E più esattamente la domanda (che dovresti fare in una delle discussioni già esistenti) a cui cercavi risposta è...?


----------



## fabinn

Cristoforo said:


> Ad esempio penso che in Toscana si dica "S'andò a mangiare un boccone" invece di "Siamo andati a prendere un boccone"


Attenzione, il passato remoto è passato remoto, quindi "S'andò a mangiare" lo devi leggere come "Andammo a mangiare", mentre il passato prossimo con l'ausiliare "essere" non si può "tradurre" con il "si impersonale". "Siamo andati" dovrebbe essere "Si è andati"... ma non funziona così, non si dice, il passato prossimo rimane tale "Siamo andati". Semaforo verde invece con l'ausiliare "avere", ma sempre rispettando i tempi e i modi verbali.

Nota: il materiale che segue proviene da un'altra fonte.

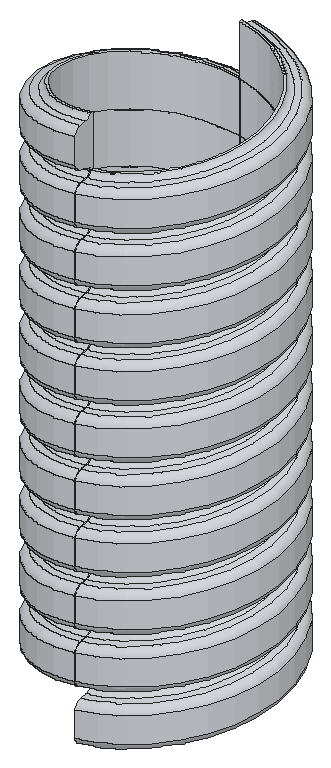
Revit family "110611-00029 Муфта соединительная резьбовая ССД-Пайп 110 мм", category Обобщенные модели, Revit 2019
Family settings
  Может служить основой для арматурных стержней = Нет
  Размер круглого соединителя = Использовать диаметр
  Тип детали = Нормальный
  На основе рабочей плоскости = Нет
  Всегда вертикально = Да
  При загрузке вырезать с полостями = Нет
  Общий = Нет
  Точка расчета площади = Нет
Parameters (values of type "Муфта соединительная резьбовая ССД-Пайп 110 мм")
  Сертификат соответствия = "https://www.ssd.ru/upload/iblock/135/dg0dveb2bt5742u03x0awkefi1rhom8y/ssoot_1302705.pdf"
  Материал = "ПНД"
  Масса бухты, кг = "0,148"
  Тип соединения = "Резьбовое"
  ADSK_Ссылка на сайт = "https://www.ssd.ru/mufta-soedinitelnaya-rezbovaya-ssd-payp-110-mm"
  ADSK_Наименование = "Муфта соединительная резьбовая ССД-Пайп 110 мм"
  ADSK_Марка = "ССД-Пайп"
  ADSK_Код изделия = "110611-00029"
  ADSK_Изготовитель = "АО \"СВЯЗЬСТРОЙДЕТАЛЬ\""
  ADSK_Диаметр наружный = 120 mm
  ADSK_Диаметр внутренний = 97 mm
Reference planes
  plane 1 "По центру (Вперед/Назад)": y = 0
  plane 2: z = 0
  plane 3 "По центру (Влево/Вправо)": x = 0
  plane 4 "Осевая": z = 100
  plane 5: x = -60
  plane 6: x = 60
  plane 7: y = 60
  plane 8: y = -60
  plane 9: x = -48.5
  plane 10: x = 48.5
  plane 11: y = 48.5
  plane 12: y = -48.5
Forms (mm)
  SweptBlend 1, solid
    path origin (0, -0.637, -320.812) x (0, 1, 0) y (-1, 0, 0)
      loop
        arc (25.5, 0) -> (0, 25.5) -> (-25.5, 0) r 25.5
    profile origin (0, 24.863, -320.812) x (0, -1, 0) y (0, 0, 1)
      loop
        line (-23.637, 49.457) -> (-24.978, 49.457)
        arc (-24.978, 49.457) -> (-25.997, 47.8) -> (-27.744, 46.943) r 3.5
        line (-27.744, 46.943) -> (-31.209, 46.332)
        arc (-31.209, 46.332) -> (-33.704, 45.107) -> (-35.16, 42.74) r 5
        line (-35.16, 42.74) -> (-35.16, 29.175)
        arc (-35.16, 29.175) -> (-33.704, 26.807) -> (-31.209, 25.583) r 5
        line (-31.209, 25.583) -> (-27.744, 24.972)
        arc (-27.744, 24.972) -> (-25.997, 24.114) -> (-24.978, 22.457) r 3.5
        line (-24.978, 22.457) -> (-23.637, 22.457) -> (-23.637, 49.457)
    end profile origin (0, -26.137, -320.812) x (0, 1, 0) y (0, 0, 1)
      loop
        line (-22.34, 76.531) -> (-23.681, 76.531)
        arc (-23.681, 76.531) -> (-24.7, 74.874) -> (-26.447, 74.017) r 3.5
        line (-26.447, 74.017) -> (-29.912, 73.406)
        arc (-29.912, 73.406) -> (-32.407, 72.181) -> (-33.863, 69.814) r 5
        line (-33.863, 69.814) -> (-33.863, 56.248)
        arc (-33.863, 56.248) -> (-32.407, 53.881) -> (-29.912, 52.656) r 5
        line (-29.912, 52.656) -> (-26.447, 52.045)
        arc (-26.447, 52.045) -> (-24.7, 51.188) -> (-23.681, 49.531) r 3.5
        line (-23.681, 49.531) -> (-22.34, 49.531) -> (-22.34, 76.531)
  SweptBlend 2, solid
    path origin (0, -0.637, -320.812) x (0, -1, 0) y (1, 0, 0)
      loop
        arc (25.5, 0) -> (0, 25.5) -> (-25.5, 0) r 25.5
    profile origin (0, -26.137, -320.812) x (0, 1, 0) y (0, 0, 1)
      loop
        line (-22.34, 49.531) -> (-23.681, 49.531)
        arc (-23.681, 49.531) -> (-24.7, 47.874) -> (-26.447, 47.017) r 3.5
        line (-26.447, 47.017) -> (-29.912, 46.406)
        arc (-29.912, 46.406) -> (-32.407, 45.181) -> (-33.863, 42.814) r 5
        line (-33.863, 42.814) -> (-33.863, 29.248)
        arc (-33.863, 29.248) -> (-32.407, 26.881) -> (-29.912, 25.656) r 5
        line (-29.912, 25.656) -> (-26.447, 25.045)
        arc (-26.447, 25.045) -> (-24.7, 24.188) -> (-23.681, 22.531) r 3.5
        line (-23.681, 22.531) -> (-22.34, 22.531) -> (-22.34, 49.531)
    end profile origin (0, 24.863, -320.812) x (0, -1, 0) y (0, 0, 1)
      loop
        line (-23.637, 76.457) -> (-24.978, 76.457)
        arc (-24.978, 76.457) -> (-25.997, 74.8) -> (-27.744, 73.943) r 3.5
        line (-27.744, 73.943) -> (-31.209, 73.332)
        arc (-31.209, 73.332) -> (-33.704, 72.107) -> (-35.16, 69.74) r 5
        line (-35.16, 69.74) -> (-35.16, 56.175)
        arc (-35.16, 56.175) -> (-33.704, 53.807) -> (-31.209, 52.583) r 5
        line (-31.209, 52.583) -> (-27.744, 51.972)
        arc (-27.744, 51.972) -> (-25.997, 51.114) -> (-24.978, 49.457) r 3.5
        line (-24.978, 49.457) -> (-23.637, 49.457) -> (-23.637, 76.457)
  SweptBlend 3, solid, not visible
    path origin (0, 0, 63.929) x (0, 1, 0) y (-1, 0, 0)
      loop
        arc (25.5, 0) -> (0, 25.5) -> (-25.5, 0) r 25.5
    profile origin (0, 25.5, 63.929) x (0, -1, 0) y (0, 0, 1)
      loop
        line (-23.637, 49.457) -> (-24.978, 49.457)
        arc (-24.978, 49.457) -> (-25.997, 47.8) -> (-27.744, 46.943) r 3.5
        line (-27.744, 46.943) -> (-31.209, 46.332)
        arc (-31.209, 46.332) -> (-33.704, 45.107) -> (-35.16, 42.74) r 5
        line (-35.16, 42.74) -> (-35.16, 29.175)
        arc (-35.16, 29.175) -> (-33.704, 26.807) -> (-31.209, 25.583) r 5
        line (-31.209, 25.583) -> (-27.744, 24.972)
        arc (-27.744, 24.972) -> (-25.997, 24.114) -> (-24.978, 22.457) r 3.5
        line (-24.978, 22.457) -> (-23.637, 22.457) -> (-23.637, 49.457)
    end profile origin (0, -25.5, 63.929) x (0, 1, 0) y (0, 0, 1)
      loop
        line (-22.34, 76.531) -> (-23.681, 76.531)
        arc (-23.681, 76.531) -> (-24.7, 74.874) -> (-26.447, 74.017) r 3.5
        line (-26.447, 74.017) -> (-29.912, 73.406)
        arc (-29.912, 73.406) -> (-32.407, 72.181) -> (-33.863, 69.814) r 5
        line (-33.863, 69.814) -> (-33.863, 56.248)
        arc (-33.863, 56.248) -> (-32.407, 53.881) -> (-29.912, 52.656) r 5
        line (-29.912, 52.656) -> (-26.447, 52.045)
        arc (-26.447, 52.045) -> (-24.7, 51.188) -> (-23.681, 49.531) r 3.5
        line (-23.681, 49.531) -> (-22.34, 49.531) -> (-22.34, 76.531)
  SweptBlend 4, solid, not visible
    path origin (0, 0, 63.929) x (0, -1, 0) y (1, 0, 0)
      loop
        arc (25.5, 0) -> (0, 25.5) -> (-25.5, 0) r 25.5
    profile origin (0, -25.5, 63.929) x (0, 1, 0) y (0, 0, 1)
      loop
        line (-22.34, 49.531) -> (-23.681, 49.531)
        arc (-23.681, 49.531) -> (-24.7, 47.874) -> (-26.447, 47.017) r 3.5
        line (-26.447, 47.017) -> (-29.912, 46.406)
        arc (-29.912, 46.406) -> (-32.407, 45.181) -> (-33.863, 42.814) r 5
        line (-33.863, 42.814) -> (-33.863, 29.248)
        arc (-33.863, 29.248) -> (-32.407, 26.881) -> (-29.912, 25.656) r 5
        line (-29.912, 25.656) -> (-26.447, 25.045)
        arc (-26.447, 25.045) -> (-24.7, 24.188) -> (-23.681, 22.531) r 3.5
        line (-23.681, 22.531) -> (-22.34, 22.531) -> (-22.34, 49.531)
    end profile origin (0, 25.5, 63.929) x (0, -1, 0) y (0, 0, 1)
      loop
        line (-23.637, 76.457) -> (-24.978, 76.457)
        arc (-24.978, 76.457) -> (-25.997, 74.8) -> (-27.744, 73.943) r 3.5
        line (-27.744, 73.943) -> (-31.209, 73.332)
        arc (-31.209, 73.332) -> (-33.704, 72.107) -> (-35.16, 69.74) r 5
        line (-35.16, 69.74) -> (-35.16, 56.175)
        arc (-35.16, 56.175) -> (-33.704, 53.807) -> (-31.209, 52.583) r 5
        line (-31.209, 52.583) -> (-27.744, 51.972)
        arc (-27.744, 51.972) -> (-25.997, 51.114) -> (-24.978, 49.457) r 3.5
        line (-24.978, 49.457) -> (-23.637, 49.457) -> (-23.637, 76.457)
  SweptBlend 5, solid
    path origin (0, -0.637, -293.812) x (0, 1, 0) y (-1, 0, 0)
      loop
        arc (25.5, 0) -> (0, 25.5) -> (-25.5, 0) r 25.5
    profile origin (0, 24.863, -293.812) x (0, -1, 0) y (0, 0, 1)
      loop
        line (-23.637, 49.457) -> (-24.978, 49.457)
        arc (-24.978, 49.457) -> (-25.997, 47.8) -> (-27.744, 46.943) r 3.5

Altri esempi:
Abbiamo fatto --> S'è fatto (passato prossimo)
Facemmo --> Si fece (passato remoto)
Abbiamo deciso --> S'è deciso
Decidemmo --> Si decise


----------



## Marsario

> "Siamo andati" dovrebbe essere "Si è andati"... ma non funziona così, non  si dice, il passato prossimo rimane tale "Siamo andati". Semaforo verde  invece con l'ausiliare "avere"



Ah interessante! Quindi il si impersonale viene usato soltanto con l'ausiliare avere ma non con l'ausiliare essere. Quante cose che si scoprono! 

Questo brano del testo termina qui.